AIDigital HRMMethods & Privacy

Anonymization and analysis method

How the dashboard protects students while preserving instructional insight

The original questionnaire contained direct identifiers. This app does not include the raw CSV and does not expose names, registration numbers, contact details, batch labels or raw open-ended responses.

1. Data minimization

Only the variables required for workshop design were retained: prior experience flags, Likert confidence ratings, knowledge-check scores, anonymous indices, and aggregate open-response themes.

2. Removed identifiers

Name, registration number, email/contact, exact timestamp and year/batch labels were removed. Open-ended responses were coded into themes and not displayed verbatim.

3. Pseudonymous records

The scatterplot uses anonymous IDs such as P001. These are not linkable to the original respondent identities in the app package.

4. Aggregation threshold

The dashboard emphasizes group patterns, percentages, and means. It avoids individual text examples and small-group identity labels.

5. Thematic coding

Open-ended answers were coded into non-identifying themes such as recruitment, privacy, gamification, IoT, responsible AI and practical HRM tools. A response could belong to more than one theme.

6. Interpretation limits

The survey covers one cohort of 95 students. Findings should be used for instructional design, not as a generalizable national estimate of Sri Lankan HRM students.

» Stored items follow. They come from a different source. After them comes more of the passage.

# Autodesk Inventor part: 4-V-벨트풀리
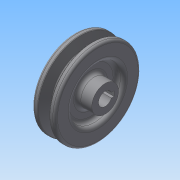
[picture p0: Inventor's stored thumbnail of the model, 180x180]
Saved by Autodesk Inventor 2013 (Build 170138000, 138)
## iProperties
Created: 2015-02
Part Number: 4-V-벨트풀리
Material: 일반
Document SubType Name: Modeling
Designer: Administrator
Density: 1 g/cm^3
Author: Administrator
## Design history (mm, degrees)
sketch "스케치1"
  geometry: L1 (0, 0)-(25, 0); L2 (0, 0)-(0, 11); L3 (0, 11)-(6, 11); L4 (6, 11)-(6, 21.5); L5 (6, 21.5)-(0, 21.5); L6 (0, 21.5)-(0, 35.2); L7 (0, 35.2)-(4.675, 35.2); L8 (4.675, 35.2)-(7.426, 26.2); L9 (7.426, 26.2)-(11.574, 26.2); L10 (11.574, 26.2)-(14.325, 35.2); L11 (14.325, 35.2)-(19, 35.2); L12 (25, 11)-(25, 0); L13 (19, 35.2)-(19, 21.5); L14 (19, 21.5)-(13, 21.5); L15 (13, 21.5)-(13, 11); L16 (13, 11)-(25, 11); 2 further points
  constraints: 32 end point, 8 parallel, 5 collinear, 4 perpendicular, 2 equal length, 2 point on line, 1 horizontal, 1 horizontal alignment
  dimensions: "d0" = 25 distance of L1.start L1.end; "d3" = 43 diameter of L5 L1; "d4" = 65 diameter of point (5.5, 32.5) L1; "d5" = 8 distance of point (13.5, 32.5) point (5.5, 32.5); "d6" = 34 deg angle of L10 L8; "d7" = 19 distance between parallel lines of L13 L6; "d8" = 6 distance between parallel lines of L6 L4; "d9" = 6 distance between parallel lines of L15 L13; "d10" = 2.7 distance from line of point (13.5, 32.5) L11; "d11" = 6.3 distance from line of L9 point (13.5, 32.5); "d12" = 22 diameter of L16 L1
revolve "회전1" sketch "스케치1" stored, may be unused: angle "d13" = 90 deg
sketch "스케치2"
  geometry: L1 (-2, 5.123)-(-2, 7.3); L2 (-2, 7.3)-(2, 7.3); L3 (2, 7.3)-(2, 5.123); C1 r 11 at (0, 0) reference; A1 r 5.5 centre (0, 0) between (-2, 5.123) and (2, 5.123)
  constraints: 6 end point, 2 parallel, 2 point on circle, 1 centre point, 1 coincident, 1 perpendicular, 1 vertical
  dimensions: "d14" = 12.8 dimension on A1 L2; "d16" = 11 diameter of A1; "d17" = 4 distance of L1.end L2.end
extrude "돌출1" cut sketch "스케치2" stored distance "d18" = 10; taper "d19" = 0 deg
fillet "모깎기1" dims "d20" = 3, "d21" = 2, "d22" = 1, "d23" = 0.5
node "솔리드1"
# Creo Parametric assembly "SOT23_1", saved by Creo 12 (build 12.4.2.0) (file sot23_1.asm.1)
Units: Custom; MM, KILOGRAM, SECS

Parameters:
  PTC_WM_ITERATION = "0"
  PTC_WM_VERSION = "-.0"
  PTC_WM_LIFECYCLE_STATE = "In Work"
  PTC_WM_LIFECYCLE = "MO_CADDocument"
  PTC_WM_CREATED_BY = "Maximilian Roepper (Z0017RMS: MO)"
  PTC_WM_CREATED_ON = "18-Sep-26 11:36:42 AM"
  PTC_WM_MODIFIED_BY = "Maximilian Roepper (Z0017RMS: MO)"
  PTC_WM_MODIFIED_ON = "18-Sep-26 11:36:46 AM"
  PDMLINKNUMBER = "PDM000071455041"
  PTC_WM_NUMBER = "PDM000071455041"

Other parameters: WEIGHT, WEIGHT_FACTOR, WEIGHT_ADD, MC_ERRORS, SUPPLIER

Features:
  1. coordinate system
  2. imported feature
  3. component "SHAPESTRING274_1"
  4. component "PIN036_1"
  5. component "PIN035_1"
  6. component "PIN1_1"
  7. component "CASE_1"

Other named items: DRW_VIEW_ORG, ROUGH-GROB
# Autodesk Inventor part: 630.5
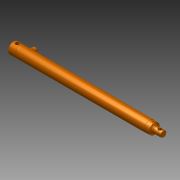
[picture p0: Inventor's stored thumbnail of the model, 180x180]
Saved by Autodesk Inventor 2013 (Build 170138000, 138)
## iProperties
Created: 2015-07
Part Number: 630.5
Material: Générique
Document SubType Name: Modeling
Designer: OL
Density: 1 g/cm^3
Author: OL
Norme de conversion: STEP AP203
Nom du fichier: 630.5.STEP
Préprocesseur: SolidWorks 2013
Postprocesseur: Build: 138, Release: 2013 RTM - Date: Thu 03/01/2012
Unités envoyées: millimètre
Incertitude: 1e-05
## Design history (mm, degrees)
node "630.51"
feature "Composite1"
body "Srf1"

Dataset included in this app

Privacy-safe contents only

IncludedAggregated counts, means, theme counts, anonymous respondent metrics for filtering and scatterplots.
ExcludedRaw CSV, names, registration numbers, contacts, batch labels, raw free-text responses, exact timestamps as identifiers.
Use caseWorkshop design, pre-primer facilitation, misconception clinic, literature comparison, and stakeholder briefing.